Sean Trull (Greensboro, NC)
Personally, I struggle with acting out. Not because I’m uncomfortable, or because I’m in any physical danger, but because I’m afraid of judgment. Even when I know that yes, now I need to act out, now is when it’s okay to do something about it, I just can’t. There’s always that fear that one day, because I stood up for myself, I’m going to have to deal with it coming back to bite me in the ass. When someone repeatedly uses an incorrect pronoun I really do want to say something, but it’s so much easier just to ignore it, even though it feels so much worse. I like standing up for other people, I can do that, and I just can’t seem to stand up for myself. My goal is to be able to act out, to stand up for myself, even to the more unaccepting parts of my family.

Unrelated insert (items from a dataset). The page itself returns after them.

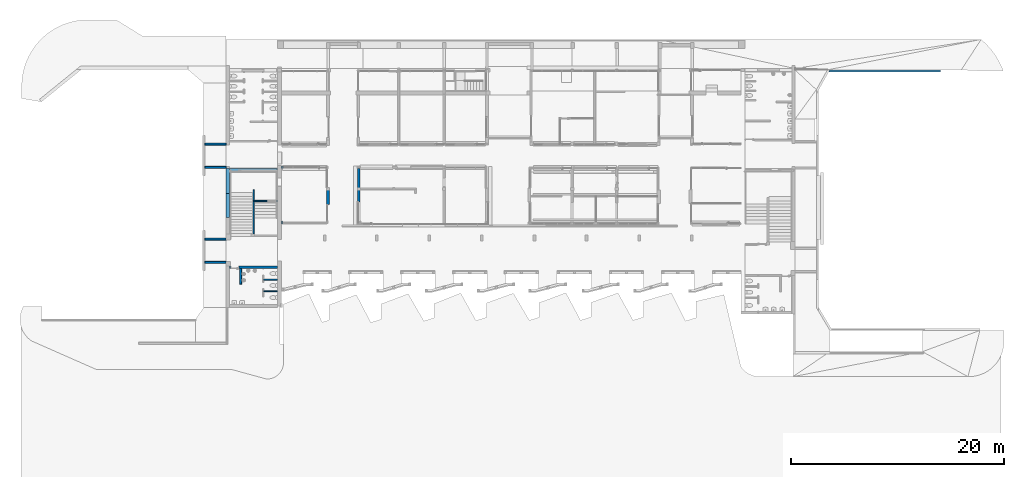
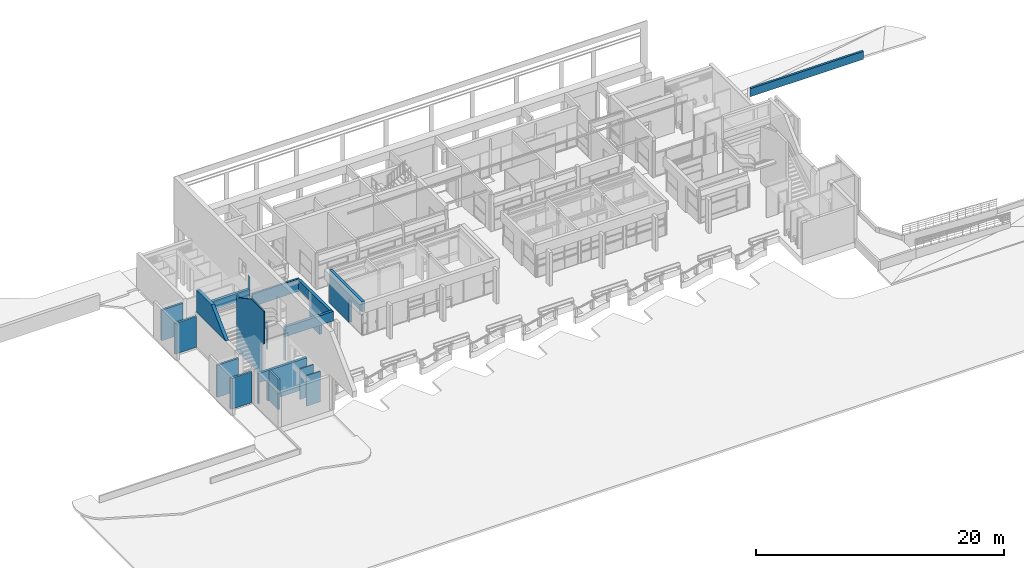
# One storey, part 71 of 117: 17 walls, 7 openings.
"""IFC4 building model written with IfcOpenShell, lengths in metres."""

from ifc_helpers import new_model, entity, si_unit, converted_unit, derived_unit, direction, frame, origin, place, context, subcontext, project, spatial, indexed_curve, outline, extrude, polygons, material, type_object, element, save


model = new_model("IFC4")

# Units and contexts
model_context = context("Model", 3, precision=1e-05, world=origin(), true_north=direction((6.123031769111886e-17, 1.0)))
body_context = subcontext(model_context, "Body", "Model", "MODEL_VIEW")
ifc_project = project(units=[si_unit("LENGTHUNIT", "METRE"), si_unit("AREAUNIT", "SQUARE_METRE"), si_unit("VOLUMEUNIT", "CUBIC_METRE"), converted_unit("PLANEANGLEUNIT", "DEGREE", entity("IfcRatioMeasure", 0.017453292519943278), si_unit("PLANEANGLEUNIT", "RADIAN"), dimensions=[0, 0, 0, 0, 0, 0, 0]), si_unit("MASSUNIT", "GRAM", prefix="KILO"), derived_unit("MASSDENSITYUNIT", [(si_unit("MASSUNIT", "GRAM", prefix="KILO"), 1), (si_unit("LENGTHUNIT", "METRE"), -3)]), derived_unit("MOMENTOFINERTIAUNIT", [(si_unit("LENGTHUNIT", "METRE"), 4)]), si_unit("TIMEUNIT", "SECOND"), si_unit("FREQUENCYUNIT", "HERTZ"), si_unit("THERMODYNAMICTEMPERATUREUNIT", "DEGREE_CELSIUS"), derived_unit("THERMALTRANSMITTANCEUNIT", [(si_unit("MASSUNIT", "GRAM", prefix="KILO"), 1), (si_unit("THERMODYNAMICTEMPERATUREUNIT", "KELVIN"), -1), (si_unit("TIMEUNIT", "SECOND"), -3)]), derived_unit("VOLUMETRICFLOWRATEUNIT", [(si_unit("LENGTHUNIT", "METRE"), 3), (si_unit("TIMEUNIT", "SECOND"), -1)]), derived_unit("MASSFLOWRATEUNIT", [(si_unit("MASSUNIT", "GRAM", prefix="KILO"), 1), (si_unit("TIMEUNIT", "SECOND"), -1)]), derived_unit("ROTATIONALFREQUENCYUNIT", [(si_unit("TIMEUNIT", "SECOND"), -1)]), si_unit("ELECTRICCURRENTUNIT", "AMPERE"), si_unit("ELECTRICVOLTAGEUNIT", "VOLT"), si_unit("POWERUNIT", "WATT"), si_unit("FORCEUNIT", "NEWTON", prefix="KILO"), si_unit("ILLUMINANCEUNIT", "LUX"), si_unit("LUMINOUSFLUXUNIT", "LUMEN"), si_unit("LUMINOUSINTENSITYUNIT", "CANDELA"), derived_unit("USERDEFINED", [(si_unit("MASSUNIT", "GRAM", prefix="KILO"), -1), (si_unit("LENGTHUNIT", "METRE"), -2), (si_unit("TIMEUNIT", "SECOND"), 3), (si_unit("LUMINOUSFLUXUNIT", "LUMEN"), 1)]), derived_unit("SOUNDPOWERUNIT", [(si_unit("MASSUNIT", "GRAM", prefix="KILO"), 1), (si_unit("LENGTHUNIT", "METRE"), 2), (si_unit("TIMEUNIT", "SECOND"), -3)]), derived_unit("SOUNDPRESSUREUNIT", [(si_unit("MASSUNIT", "GRAM", prefix="KILO"), 1), (si_unit("LENGTHUNIT", "METRE"), -1), (si_unit("TIMEUNIT", "SECOND"), -2)]), derived_unit("LINEARVELOCITYUNIT", [(si_unit("LENGTHUNIT", "METRE"), 1), (si_unit("TIMEUNIT", "SECOND"), -1)]), si_unit("PRESSUREUNIT", "PASCAL"), derived_unit("USERDEFINED", [(si_unit("LENGTHUNIT", "METRE"), -2), (si_unit("MASSUNIT", "GRAM", prefix="KILO"), 1), (si_unit("TIMEUNIT", "SECOND"), -2)]), derived_unit("LINEARFORCEUNIT", [(si_unit("MASSUNIT", "GRAM", prefix="KILO"), 1), (si_unit("LENGTHUNIT", "METRE"), 1), (si_unit("TIMEUNIT", "SECOND"), -2), (si_unit("LENGTHUNIT", "METRE"), -1)]), derived_unit("PLANARFORCEUNIT", [(si_unit("MASSUNIT", "GRAM", prefix="KILO"), 1), (si_unit("LENGTHUNIT", "METRE"), 1), (si_unit("TIMEUNIT", "SECOND"), -2), (si_unit("LENGTHUNIT", "METRE"), -2)])], contexts=[model_context])

# Site, building, storey
site_placement = place(None, origin())
site = spatial("IfcSite", under=ifc_project, at=site_placement, Name="Superficie", CompositionType="ELEMENT")
building_placement = place(site_placement, origin())
building = spatial("IfcBuilding", under=site, at=building_placement, CompositionType="ELEMENT")
storey_placement = place(building_placement, origin())
storey = spatial("IfcBuildingStorey", under=building, at=storey_placement, Name="Nivel 0", CompositionType="ELEMENT", Elevation=0.0)

# Wall
ifc_material = material(Name="Muro por defecto", Category="Varios")
wall_type_1 = type_object("IfcWallType", Name="Muro básico:Por defecto - 20 cm", PredefinedType="STANDARD")
wall_1_placement = place(storey_placement, frame((28.82958928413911, 12.636664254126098, -0.7205246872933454)))
element("IfcWall", 1, at=wall_1_placement, inside=storey, type_object=wall_type_1, material=ifc_material, Name="Muro básico:Por defecto - 20 cm", ObjectType="Muro básico:Por defecto - 20 cm", PredefinedType="NOTDEFINED", context=body_context, shape_type="SweptSolid", body=[
    extrude(outline(indexed_curve([(10.557209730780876, -0.10000000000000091), (10.557209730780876, 0.09999999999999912), (0.11086181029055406, 0.0999999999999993), (3.2996074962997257e-16, -0.10000000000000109), (10.557209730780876, -0.10000000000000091)], self_intersect=False)), origin(), (0.0, 0.0, 1.0), 0.7852033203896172),
])

# Wall, opening
wall_type_2 = type_object("IfcWallType", Name="Muro básico:Por defecto - 25 cm 2", PredefinedType="STANDARD")
wall_2_placement = place(storey_placement, frame((-15.373200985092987, -1.764170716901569, 0.0), z_axis=(0.0, 0.0, 1.0), x_axis=(0.0, 1.0, 0.0)))
wall_2 = element("IfcWall", 2, at=wall_2_placement, inside=storey, type_object=wall_type_2, material=ifc_material, Name="Muro básico:Por defecto - 25 cm 2", ObjectType="Muro básico:Por defecto - 25 cm 2", PredefinedType="NOTDEFINED", context=body_context, shape_type="Tessellation", body=[
    polygons([(5.24, -0.1250000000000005, 0.0), (5.24, -0.1250000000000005, 3.3), (5.414335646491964e-16, -0.12500000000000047, 3.3), (5.414335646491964e-16, -0.12500000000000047, 2.3), (2.090000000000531, -0.12500000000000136, 2.3), (2.090000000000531, -0.12500000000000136, 0.0), (5.24, 0.12499999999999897, 3.3), (5.24, 0.12499999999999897, 0.0), (2.090000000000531, 0.12499999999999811, 0.0), (2.090000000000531, 0.12499999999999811, 2.3), (5.414335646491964e-16, 0.124999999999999, 2.3), (5.414335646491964e-16, 0.124999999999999, 3.3)], [[[1, 2, 3, 4, 5, 6]], [[7, 8, 9, 10, 11, 12]], [[8, 1, 6, 9]], [[2, 1, 8, 7]], [[3, 2, 7, 12]], [[3, 12, 11, 4]], [[10, 5, 4, 11]], [[5, 10, 9, 6]]], closed=True),
])
opening_1_placement = place(wall_2_placement, origin())
element("IfcOpeningElement", 3, at=opening_1_placement, cuts=wall_2, Name="Muro básico:Por defecto - 25 cm 2", PredefinedType="OPENING", context=body_context, shape_type="SweptSolid", body=[
    extrude(outline(indexed_curve([(-1.2192310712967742, -1.12424335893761), (1.2192310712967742, -1.12424335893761), (1.2192310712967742, 1.12424335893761), (-1.2192310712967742, 1.12424335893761), (-1.2192310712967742, -1.12424335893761)], self_intersect=False)), frame((0.9657566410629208, -0.12500000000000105, 1.0807689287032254), z_axis=(0.0, 1.0, 0.0), x_axis=(0.0, 0.0, -1.0)), (0.0, 0.0, 1.0), 0.24999999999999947),
])

# Wall, openings
wall_3_placement = place(storey_placement, frame((-18.26820098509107, -1.4791707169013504, 0.0), z_axis=(0.0, 0.0, 1.0), x_axis=(0.0, 1.0, 0.0)))
wall_3 = element("IfcWall", 4, at=wall_3_placement, inside=storey, type_object=wall_type_2, material=ifc_material, Name="Muro básico:Por defecto - 25 cm 2", ObjectType="Muro básico:Por defecto - 25 cm 2", PredefinedType="NOTDEFINED", context=body_context, shape_type="Tessellation", body=[
    polygons([(4.954999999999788, -0.12499999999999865, 3.3), (0.0, -0.12499999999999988, 3.3), (0.0, -0.12499999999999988, 2.35), (1.556282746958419, -0.12499999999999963, 2.35), (1.556282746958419, -0.12499999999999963, 0.0), (3.1520164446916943, -0.12500000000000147, 0.0), (3.1520164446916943, -0.12500000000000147, 2.35), (4.954999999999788, -0.12499999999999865, 2.35), (0.0, 0.12500000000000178, 3.3), (4.954999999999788, 0.12500000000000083, 3.3), (4.954999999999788, 0.12500000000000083, 2.35), (3.1520164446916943, 0.12500000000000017, 2.35), (3.1520164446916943, 0.12500000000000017, 0.0), (1.556282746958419, 0.12499999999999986, 0.0), (1.556282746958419, 0.12499999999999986, 2.35), (2.707167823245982e-16, 0.12500000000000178, 2.35)], [[[1, 2, 3, 4, 5, 6, 7, 8]], [[9, 10, 11, 12, 13, 14, 15, 16]], [[13, 6, 5, 14]], [[10, 1, 8, 11]], [[2, 1, 10, 9]], [[7, 12, 11, 8]], [[12, 7, 6, 13]], [[15, 4, 3, 16]], [[4, 15, 14, 5]], [[2, 9, 16, 3]]], closed=True),
])
opening_2_placement = place(wall_3_placement, origin())
element("IfcOpeningElement", 5, at=opening_2_placement, cuts=wall_3, Name="Muro básico:Por defecto - 25 cm 2", PredefinedType="OPENING", context=body_context, shape_type="SweptSolid", body=[
    extrude(outline(indexed_curve([(-1.4698824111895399, -0.9900000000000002), (1.4698824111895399, -0.9900000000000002), (1.4698824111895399, 0.9900000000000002), (-1.4698824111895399, 0.9900000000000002), (-1.4698824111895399, -0.9900000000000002)], self_intersect=False)), frame((4.142016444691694, -0.12499999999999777, 0.88011758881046), z_axis=(0.0, 1.0, 0.0), x_axis=(0.0, 0.0, -1.0)), (0.0, 0.0, 1.0), 0.2499999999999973),
])
opening_3_placement = place(wall_3_placement, origin())
element("IfcOpeningElement", 6, at=opening_3_placement, cuts=wall_3, Name="Muro básico:Por defecto - 25 cm 2", PredefinedType="OPENING", context=body_context, shape_type="SweptSolid", body=[
    extrude(outline(indexed_curve([(-1.2052856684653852, -0.845641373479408), (1.2052856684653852, -0.845641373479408), (1.2052856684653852, 0.845641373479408), (-1.2052856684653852, 0.845641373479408), (-1.2052856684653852, -0.845641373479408)], self_intersect=False)), frame((0.7106413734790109, -0.12499999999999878, 1.1447143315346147), z_axis=(0.0, 1.0, 0.0), x_axis=(0.0, 0.0, -1.0)), (0.0, 0.0, 1.0), 0.24999999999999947),
])

# Wall, opening
wall_4_placement = place(storey_placement, frame((-22.643200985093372, -1.6041707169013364, 0.0)))
wall_4 = element("IfcWall", 7, at=wall_4_placement, inside=storey, type_object=wall_type_2, material=ifc_material, Name="Muro básico:Por defecto - 25 cm 2", ObjectType="Muro básico:Por defecto - 25 cm 2", PredefinedType="NOTDEFINED", context=body_context, shape_type="Tessellation", body=[
    polygons([(4.500000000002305, -0.12500000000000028, 3.3), (1.2347090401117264e-15, -0.125, 3.3), (1.2347090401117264e-15, -0.125, 0.0), (0.11056514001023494, -0.12499999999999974, 0.0), (0.11056514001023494, -0.12499999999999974, 2.35), (4.500000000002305, -0.12500000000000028, 2.35), (4.299623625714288e-16, 0.125, 3.3), (4.250000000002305, 0.125, 3.3), (4.500000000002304, 0.125, 3.3), (4.500000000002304, 0.125, 2.35), (4.250000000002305, 0.125, 2.35), (0.11056514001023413, 0.125, 2.35), (0.11056514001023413, 0.125, 0.0), (4.299623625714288e-16, 0.125, 0.0)], [[[1, 2, 3, 4, 5, 6]], [[7, 8, 9, 10, 11, 12, 13, 14]], [[3, 14, 13, 4]], [[2, 1, 9, 8, 7]], [[5, 12, 11, 10, 6]], [[12, 5, 4, 13]], [[9, 1, 6, 10]], [[3, 2, 7, 14]]], closed=True),
])
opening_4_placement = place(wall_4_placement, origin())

I remind myself every day that I’m strong enough for this
I can stand up for myself and tell them all that this is it
This is who I am and that’s okay, that’s fine with me
I could care less about anything that you think
Granted, I’m still terrified, when someone says my name
My birth one, not my real one, the one I really hate
And there are some people I can face and say “It’s he, not she”
But some that I’m just too afraid, even though I shouldn’t be
Especially my grandmother, my dad’s side, not my mom
Conservative right wing woman, strict, the kind who knows each psalm
Coated in honey and kind intentions but really just wants perfection
Gets you alone so you can “talk” determined to win by attrition
I couldn’t tell you why I’m scared, but I’m terrified of her
She symbolizes someone who could never call me sir
Always “ma’am” and dresses and skirts and hips and “but you’re so pretty”
Well pretty means nothing but shit when you’re me, I would rather be filthy
Months weeks days before, I resolve myself to correct and remind
But the second she saunters her way over here, my resolve weakens and I am resigned
To listen and flinch every time she says she, or her, or anything else about me
That’s false and untrue and it’s more than annoyance I know, I KNOW that she sees
“It doesn’t make sense” She says over and over, “You are a girl, as you’re born you will stay”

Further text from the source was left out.